# Deathproof Nova Decals?



## HabuHunter32 (Aug 22, 2009)

Does anyone make Deathproof decals for the 1/25 AMT Chevy Nova kit? Any info would be welcomed. Thanks in advance. 

Mike


----------



## superduty455 (Jun 21, 2000)

None that I know of. You might be able to use some of those transfer tattoo's you find in dollar stores and the like, otherwise find a picture of it on the net and make your own decal with the Testors decal system.
Don't forget the little rubber duck hood ornament. I believe a resin caster for big rigs makes them.
Check out this link from Scale Auto mag with a very well done DP Nova:
http://cs.scaleautomag.com/SCACS/forums/p/89340/875853.aspx#875853
Chris


----------



## HabuHunter32 (Aug 22, 2009)

Thanks for the link. I found the decals at http://hazzardousdecals.shopping.officelive.com/Decalsforsale.aspx for $3.00.

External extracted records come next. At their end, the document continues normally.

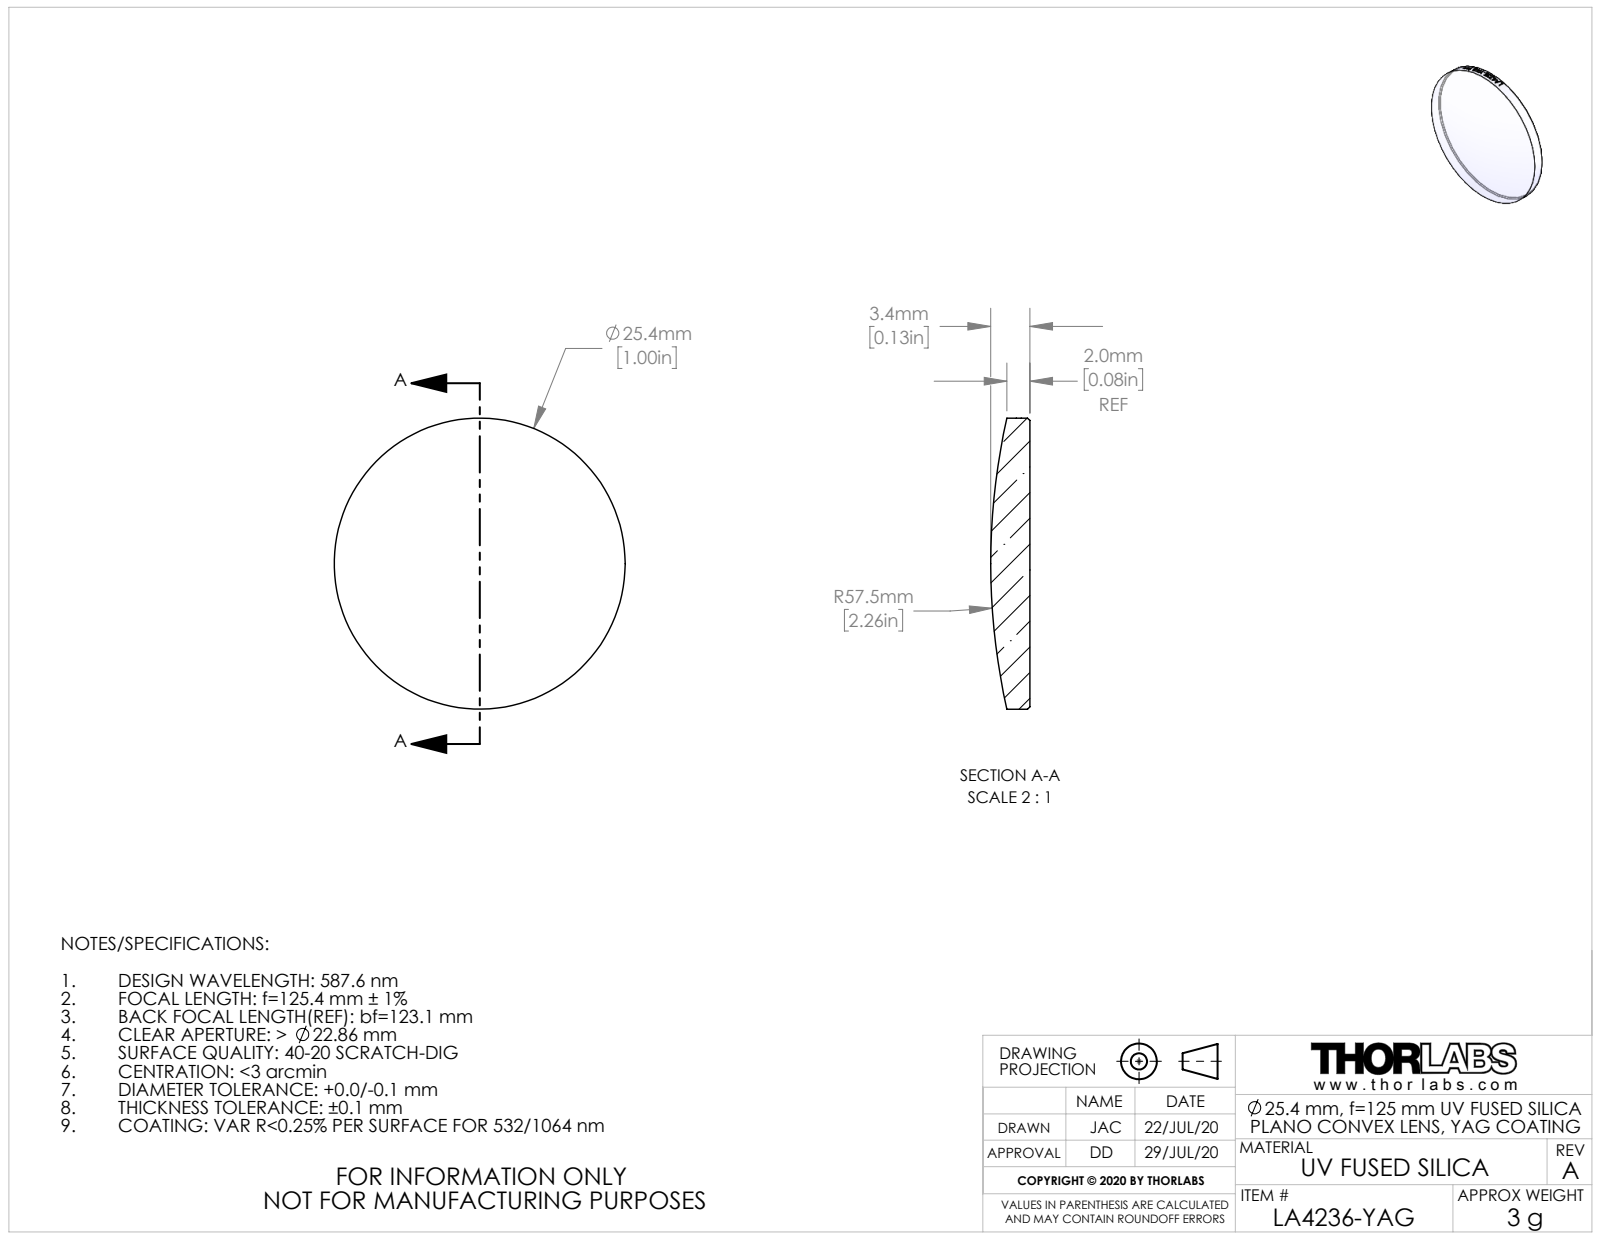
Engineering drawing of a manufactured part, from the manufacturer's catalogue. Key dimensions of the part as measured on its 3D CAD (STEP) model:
Part name (STEP PRODUCT): TTN217852-E0W
STEP written by: SolidWorks 2018 (CONFIG_CONTROL_DESIGN)
Units: millimetres
Bodies: 1 solid, 25 faces (1 planar, 20 cylindrical, 4 other)
Overall size (bounding box): 25.4 × 25.4 × 3.42
Volume: 1 373 mm³ · Surface area: 1 170 mm²
Round bosses / shafts (diameter × count): ⌀25.4 ×1

I found the Rubber Duck Mascot at http://www.auslowe.com.au/
I bought 2 for $2.15aud ea plus $11.50aud shipping for a total of $15.80aud or $16.35usd. Obviously coming from Australia shipping is somewhat pricey but worth it in my opinion to add the Deathproof Nova to my moviecar collection. I bought 2 mascots so that I can build the Charger as well.


----------